BEGIN Data to use
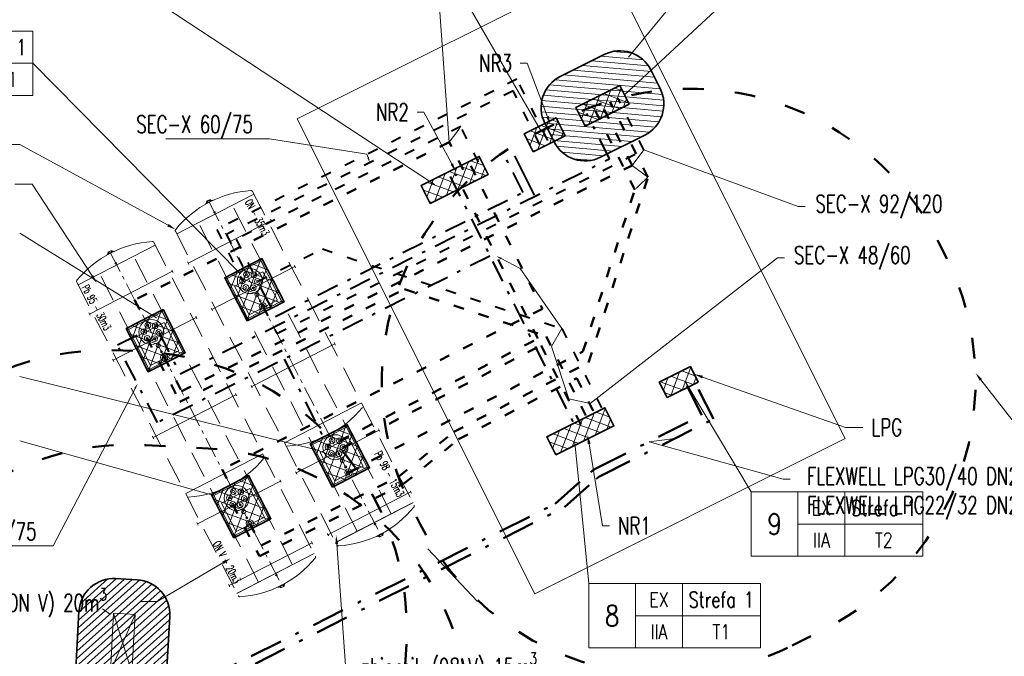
# Model space of a CAD drawing. Header units: metres. Extents: x 7472034 to 8440138, y 5890133 to 5961460.
# Tile 83 of 103: x 8439455 to 8439483, y 5890537 to 5890555. Entities that reach past the tile are written whole.
import ezdxf
from ezdxf import colors
from ezdxf.entities.mleader import LeaderData, LeaderLine
from ezdxf.enums import TextEntityAlignment as Align
from ezdxf.math import Vec2, Vec3

# ---------------------------------------------------------------- set-up
doc = ezdxf.new("R2010")
doc.units = ezdxf.units.M
doc.header["$MEASUREMENT"] = 0
for name, pattern in [('ACAD_ISO03W100', [30, 12, -18]), ('ACAD_ISO10W100', [18, 12, -3, 0, -3]), ('DASHDOT', [25.4, 12.7, -6.35, 0, -6.35]), ('DASHED', [19.05, 12.7, -6.35])]:
    doc.linetypes.add(name, pattern=pattern)
doc.layers.get('0').update_dxf_attribs({"linetype": 'CONTINUOUS', "lineweight": 5})
for name, color, linetype, lineweight in [('_IS.BLOK.T', 7, 'CONTINUOUS', 5), ('_T_95', 80, 'ACAD_ISO03W100', 50), ('_T_98', 132, 'ACAD_ISO03W100', 50), ('_T_LPG', 52, 'DASHDOT', 50), ('_T_ON', 23, 'ACAD_ISO03W100', 40), ('_T_ON_V', 181, 'ACAD_ISO03W100', 50), ('_T_opary', 220, 'DASHDOT', 40), ('_T_opisik.0', 16, 'CONTINUOUS', 20), ('_T_strefa_opis', 178, 'CONTINUOUS', 18), ('_T_zbiornik.opis', 190, 'CONTINUOUS', 13), ('T_kreska', 8, 'CONTINUOUS', 5), ('T_strefa-8', 20, 'ACAD_ISO03W100', 50), ('T_strefa-Z1', 140, 'CONTINUOUS', 35), ('T_strefa-Z2', 210, 'CONTINUOUS', 35), ('właz', 7, 'CONTINUOUS', 5), ('zbiorniki', 7, 'CONTINUOUS', 13), ('zlew', 7, 'CONTINUOUS', 9), ('zrębnica', 7, 'CONTINUOUS', 5)]:
    doc.layers.add(name, color=color, linetype=linetype, lineweight=lineweight)
doc.layers.add('_IS_NO', color=11, linetype='CONTINUOUS', lineweight=20, plot=False)
doc.layers.add('_IS_NO.T', color=4, linetype='CONTINUOUS', lineweight=20, plot=False)
doc.styles.add('BP', font='romans.shx', dxfattribs={"width": 0.8})
doc.styles.add('ROMANS', font='ROMANS.shx', dxfattribs={"width": 0.8})
doc.styles.add('RS', font='Romans.shx', dxfattribs={"width": 0.7})

# ---------------------------------------------------------------- blocks, each defined once
blk = doc.blocks.new('TAB-STRFY-2')
for p, q in [((3180.88, 1818), (3180.88, 1787.08)), ((3105.88, 1787.08), (3105.88, 1756.16))]:
    blk.add_line(p, q)
for points in [[(3015.88, 1818), (3060.88, 1818), (3060.88, 1756.16), (3015.88, 1756.16)], [(3060.88, 1818), (3105.88, 1818), (3105.88, 1787.08), (3060.88, 1787.08)], [(3105.88, 1818), (3180.88, 1818), (3180.88, 1787.08), (3105.88, 1787.08)], [(3060.88, 1787.08), (3105.88, 1787.08), (3105.88, 1756.16), (3060.88, 1756.16)], [(3105.88, 1787.08), (3180.88, 1787.08), (3180.88, 1756.16), (3105.88, 1756.16)]]:
    blk.add_lwpolyline(points, close=True)
at = {"style": 'ROMANS', "width": 0.8, "flags": 12}
for tag, height, p in [('EX', 14, (3083.38, 1802.54)), ('STREFA', 15, (3143.38, 1802.54)), ('1', 14, (3038.38, 1787.08)), ('II', 14, (3083.38, 1771.62)), ('T2', 14, (3143.38, 1771.62))]:
    blk.add_attdef(tag, text='', height=height, dxfattribs=at).set_placement(p, align=Align.MIDDLE_CENTER)
blk = doc.blocks.new('STUDNIA NAZB')
at = {"layer": 'właz', "lineweight": 0}
blk.add_lwpolyline([(-1255, 1255), (-335, 1255), (-335, 335), (-1255, 335)], close=True, dxfattribs=at)
at = {"layer": 'właz', "linetype": 'Continuous', "lineweight": 0}
for centre, radius in [((-795, 1225), 105), ((-795, 1225), 57), ((-795, 845), 57), ((-795, 845), 57), ((-795, 1045), 30), ((-795, 405), 360), ((-981, 513), 82.5), ((-795, 620), 82.5), ((-795, 620), 30), ((-609, 513), 82.5), ((-981, 298), 82.5), ((-981, 513), 30), ((-981, 298), 30), ((-609, 298), 82.5), ((-609, 513), 30), ((-609, 298), 30), ((-795, 190), 82.5), ((-795, 190), 30)]:
    blk.add_circle(centre, radius, dxfattribs=at)
at = {"layer": 'zrębnica', "lineweight": 0}
for p, q in [((-1395, 1385), (-1395, -15)), ((-195, 1385), (-1395, 1385)), ((-1345, 1335), (-1395, 1385)), ((-1345, 1335), (-1370, 1360)), ((-1345, 35), (-1345, 1335)), ((-245, 1335), (-1345, 1335)), ((-245, 1335), (-195, 1385)), ((-245, 1335), (-220, 1360)), ((-245, 1335), (-220, 1360)), ((-245, 1335), (-220, 1360)), ((-245, 1335), (-220, 1360)), ((-245, 35), (-245, 1335)), ((-245, 35), (-245, 1335)), ((-195, -15), (-195, 1385)), ((-1345, 35), (-1395, -15)), ((-245, 35), (-1345, 35)), ((-245, 35), (-195, -15)), ((-245, 35), (-220, 10)), ((-195, -15), (-1395, -15))]:
    blk.add_line(p, q, dxfattribs=at)
blk = doc.blocks.new('A$C362D00BD')
for p, q in [((0, 174), (0, 60)), ((0, 174), (51, 174)), ((0, 60), (51, 60)), ((53, 210), (9, 174)), ((53, 24), (9, 60)), ((55, 234), (65, 234)), ((55, 0), (65, 0))]:
    blk.add_line(p, q)
blk.add_arc((1474, 117), 1424, 175.2874, 184.7126)
blk = doc.blocks.new('A$C58F05183')
blk.add_lwpolyline([(36, 23), (23, 36), (10, 23), (23, 10)], close=True)
for radius in [23, 18]:
    blk.add_circle((23, 23), radius)
blk = doc.blocks.new('podziemne zbiorniki paliwa')
at = {"layer": 'zbiorniki', "linetype": 'DASHED', "lineweight": 0}
for p, q in [((7707297.11, 5842715.412), (7707299.384, 5842716.451)), ((7707297.11, 5842715.412), (7707299.384, 5842716.451)), ((7707297.117, 5842715.415), (7707299.391, 5842716.454)), ((7707298.002, 5842716.249), (7707298.179, 5842716.33)), ((7707298.042, 5842716.317), (7707298.102, 5842716.345)), ((7707298.061, 5842716.276), (7707298.042, 5842716.317)), ((7707298.121, 5842716.304), (7707298.102, 5842716.345)), ((7707298.183, 5842716.322), (7707298.179, 5842716.33)), ((7707297.154, 5842715.102), (7707299.602, 5842716.22)), ((7707298.006, 5842716.241), (7707298.002, 5842716.249)), ((7707299.586, 5842716.257), (7707299.62, 5842716.184)), ((7707299.586, 5842716.257), (7707299.619, 5842716.184)), ((7707299.586, 5842716.257), (7707299.619, 5842716.184)), ((7707294.199, 5842714.083), (7707296.473, 5842715.121)), ((7707294.199, 5842714.083), (7707296.473, 5842715.121)), ((7707294.206, 5842714.086), (7707296.48, 5842715.124)), ((7707294.243, 5842713.773), (7707296.691, 5842714.891)), ((7707295.091, 5842714.92), (7707295.269, 5842715.001)), ((7707295.095, 5842714.912), (7707295.091, 5842714.92)), ((7707295.131, 5842714.988), (7707295.191, 5842715.015)), ((7707295.15, 5842714.947), (7707295.131, 5842714.988)), ((7707295.21, 5842714.974), (7707295.191, 5842715.015)), ((7707295.272, 5842714.993), (7707295.269, 5842715.001)), ((7707296.675, 5842714.927), (7707296.708, 5842714.855)), ((7707296.675, 5842714.927), (7707296.708, 5842714.855)), ((7707296.676, 5842714.928), (7707296.709, 5842714.855)), ((7707297.138, 5842715.139), (7707297.172, 5842715.066)), ((7707297.138, 5842715.139), (7707297.171, 5842715.066)), ((7707297.138, 5842715.139), (7707297.171, 5842715.066)), ((7707297.985, 5842713.283), (7707300.433, 5842714.401)), ((7707300.418, 5842714.438), (7707300.451, 5842714.365)), ((7707294.227, 5842713.81), (7707294.26, 5842713.737)), ((7707294.227, 5842713.81), (7707294.26, 5842713.737)), ((7707294.228, 5842713.81), (7707294.261, 5842713.737)), ((7707298.458, 5842712.474), (7707300.732, 5842713.513)), ((7707298.458, 5842712.474), (7707300.732, 5842713.513)), ((7707298.458, 5842712.474), (7707300.732, 5842713.513)), ((7707298.458, 5842712.474), (7707300.732, 5842713.513)), ((7707297.969, 5842713.32), (7707298.002, 5842713.247)), ((7707297.969, 5842713.32), (7707298.002, 5842713.247)), ((7707295.075, 5842711.954), (7707297.523, 5842713.072)), ((7707297.507, 5842713.109), (7707297.54, 5842713.036)), ((7707295.547, 5842711.145), (7707297.822, 5842712.184)), ((7707295.547, 5842711.145), (7707297.822, 5842712.184)), ((7707295.547, 5842711.145), (7707297.822, 5842712.184)), ((7707295.547, 5842711.145), (7707297.822, 5842712.184)), ((7707295.058, 5842711.991), (7707295.091, 5842711.918)), ((7707295.058, 5842711.991), (7707295.091, 5842711.918)), ((7707299.148, 5842710.736), (7707301.596, 5842711.854)), ((7707299.148, 5842710.736), (7707301.596, 5842711.854)), ((7707301.58, 5842711.891), (7707301.613, 5842711.818)), ((7707299.131, 5842710.772), (7707299.164, 5842710.7)), ((7707299.131, 5842710.772), (7707299.164, 5842710.7)), ((7707296.237, 5842709.407), (7707298.685, 5842710.525)), ((7707296.237, 5842709.407), (7707298.685, 5842710.525)), ((7707298.669, 5842710.561), (7707298.702, 5842710.489)), ((7707300.186, 5842708.462), (7707302.634, 5842709.579)), ((7707302.651, 5842709.543), (7707302.618, 5842709.616)), ((7707296.22, 5842709.443), (7707296.254, 5842709.37)), ((7707296.22, 5842709.443), (7707296.254, 5842709.37)), ((7707300.202, 5842708.425), (7707300.169, 5842708.498)), ((7707300.202, 5842708.425), (7707300.169, 5842708.498)), ((7707297.275, 5842707.132), (7707299.723, 5842708.25)), ((7707299.74, 5842708.214), (7707299.707, 5842708.287)), ((7707300.809, 5842707.097), (7707303.257, 5842708.215)), ((7707303.274, 5842708.179), (7707303.241, 5842708.252)), ((7707301.27, 5842706.319), (7707303.545, 5842707.357)), ((7707297.291, 5842707.096), (7707297.258, 5842707.169)), ((7707297.291, 5842707.096), (7707297.258, 5842707.169)), ((7707300.363, 5842706.85), (7707300.33, 5842706.923)), ((7707300.825, 5842707.061), (7707300.792, 5842707.134)), ((7707300.825, 5842707.061), (7707300.792, 5842707.134)), ((7707297.898, 5842705.768), (7707300.346, 5842706.886)), ((7707302.477, 5842706.45), (7707302.481, 5842706.441)), ((7707302.481, 5842706.441), (7707302.658, 5842706.522)), ((7707302.54, 5842706.468), (7707302.558, 5842706.427)), ((7707302.558, 5842706.427), (7707302.618, 5842706.455)), ((7707302.6, 5842706.495), (7707302.618, 5842706.455)), ((7707302.654, 5842706.531), (7707302.658, 5842706.522)), ((7707297.914, 5842705.732), (7707297.881, 5842705.804)), ((7707297.914, 5842705.732), (7707297.881, 5842705.804)), ((7707298.36, 5842704.989), (7707300.634, 5842706.028)), ((7707299.566, 5842705.121), (7707299.57, 5842705.112)), ((7707299.57, 5842705.112), (7707299.747, 5842705.193)), ((7707299.629, 5842705.139), (7707299.647, 5842705.098)), ((7707299.647, 5842705.098), (7707299.707, 5842705.125)), ((7707299.689, 5842705.166), (7707299.707, 5842705.125)), ((7707299.744, 5842705.202), (7707299.747, 5842705.193))]:
    blk.add_line(p, q, dxfattribs=at)
at = {"layer": 'zbiorniki', "linetype": 'DASHED', "lineweight": 20, "ltscale": 0.06}
for p, q in [((7707303.578, 5842707.282), (7707299.356, 5842716.528)), ((7707301.304, 5842706.244), (7707297.082, 5842715.49)), ((7707300.667, 5842705.953), (7707296.445, 5842715.199)), ((7707298.393, 5842704.914), (7707294.171, 5842714.16))]:
    blk.add_line(p, q, dxfattribs=at)
at = {"layer": 'zbiorniki', "linetype": 'ACAD_ISO10W100', "lineweight": 0, "ltscale": 0.05}
for p, q in [((7707302.566, 5842706.49), (7707298.095, 5842716.281)), ((7707299.655, 5842705.161), (7707295.184, 5842714.952))]:
    blk.add_line(p, q, dxfattribs=at)
at = {"layer": 'zbiorniki', "linetype": 'DASHED', "lineweight": 0, "ltscale": 0.06}
for p, q in [((7707298.754, 5842716.163), (7707302.907, 5842707.066)), ((7707297.753, 5842715.706), (7707301.907, 5842706.609)), ((7707295.843, 5842714.833), (7707299.997, 5842705.737)), ((7707294.842, 5842714.376), (7707298.996, 5842705.28))]:
    blk.add_line(p, q, dxfattribs=at)
at = {"layer": 'zbiorniki', "linetype": 'DASHED', "lineweight": 20, "ltscale": 100}
for centre, start, end in [((7707299.365, 5842713.499), 91.0415, 138.0459), ((7707296.454, 5842712.169), 91.0415, 138.0459), ((7707301.295, 5842709.273), 271.0415, 318.0459), ((7707298.384, 5842707.944), 271.0415, 318.0459)]:
    blk.add_arc(centre, 3.059, start, end, dxfattribs=at)
at = {"layer": 'zbiorniki', "linetype": 'DASHED', "lineweight": 0, "ltscale": 100}
for centre, radius, start, end in [((7707299.311, 5842716.507), 0.05, 24.5437, 91.0415), ((7707297.127, 5842715.51), 0.05, 138.0459, 204.5437), ((7707296.4, 5842715.178), 0.05, 24.5437, 91.0415), ((7707294.217, 5842714.181), 0.05, 138.0459, 204.5437), ((7707300.707, 5842710.558), 3.059, 91.0415, 138.0459), ((7707297.797, 5842709.229), 3.059, 91.0415, 138.0459), ((7707303.533, 5842707.261), 0.05, 318.0459, 24.5437), ((7707301.35, 5842706.264), 0.05, 204.5437, 271.0415), ((7707300.622, 5842705.932), 0.05, 318.0459, 24.5437), ((7707298.439, 5842704.935), 0.05, 204.5437, 271.0415)]:
    blk.add_arc(centre, radius, start, end, dxfattribs=at)
at = {"layer": 'zbiorniki', "linetype": 'DASHED', "lineweight": 0, "ltscale": 100, "yscale": 0.001000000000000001, "rotation": 294.5436678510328}
for name, p, xscale, zscale in [('A$C362D00BD', (7707297.963, 5842716.287), 0.001000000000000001, 0.001000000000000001), ('A$C58F05183', (7707298.202, 5842715.992), 0.001000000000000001, 0.001000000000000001), ('A$C58F05183', (7707298.202, 5842715.992), 0.001000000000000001, 0.001000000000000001), ('A$C362D00BD', (7707295.053, 5842714.958), 0.001000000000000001, 0.001000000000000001), ('A$C58F05183', (7707295.291, 5842714.663), 0.001000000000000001, 0.001000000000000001), ('A$C58F05183', (7707295.291, 5842714.663), 0.001000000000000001, 0.001000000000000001), ('A$C58F05183', (7707302.417, 5842706.761), -0.001000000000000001, 0.001), ('A$C58F05183', (7707302.417, 5842706.761), -0.001000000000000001, 0.001), ('A$C362D00BD', (7707302.484, 5842706.388), -0.001000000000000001, 0.001), ('A$C58F05183', (7707299.506, 5842705.431), -0.001000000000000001, 0.001), ('A$C58F05183', (7707299.506, 5842705.431), -0.001000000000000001, 0.001), ('A$C362D00BD', (7707299.573, 5842705.058), -0.001000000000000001, 0.001)]:
    blk.add_blockref(name, p, dxfattribs=dict(at, xscale=xscale, zscale=zscale))
at = {"layer": 'zlew', "ltscale": 0.3, "xscale": 0.001, "yscale": 0.001, "zscale": 0.001, "rotation": 24.54366785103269}
for p in [(7707300.159, 5842713.675), (7707297.248, 5842712.346), (7707297.248, 5842712.346), (7707302.394, 5842708.779), (7707299.484, 5842707.45), (7707299.484, 5842707.45)]:
    blk.add_blockref('STUDNIA NAZB', p, dxfattribs=at)
at = {"layer": '_T_zbiornik.opis', "style": 'BP', "width": 0.6}
for s, p in [('ON V - 20m3', (7707300.024, 5842714.993, 0)), ('Pb 98 - 15m3', (7707295.25, 5842712.625, 0)), ('Pb 95 - 30m3', (7707303.452, 5842707.437, 0)), ('ON - 35m3', (7707298.639, 5842705.203, 0))]:
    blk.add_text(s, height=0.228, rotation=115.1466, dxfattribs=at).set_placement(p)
END Data to use
-- What this task involves --
This exercise needs every line of the listing that contains the word "plot".

-- Answer to this task --
doc.layers.add('_IS_NO', color=11, linetype='CONTINUOUS', lineweight=20, plot=False)
doc.layers.add('_IS_NO.T', color=4, linetype='CONTINUOUS', lineweight=20, plot=False)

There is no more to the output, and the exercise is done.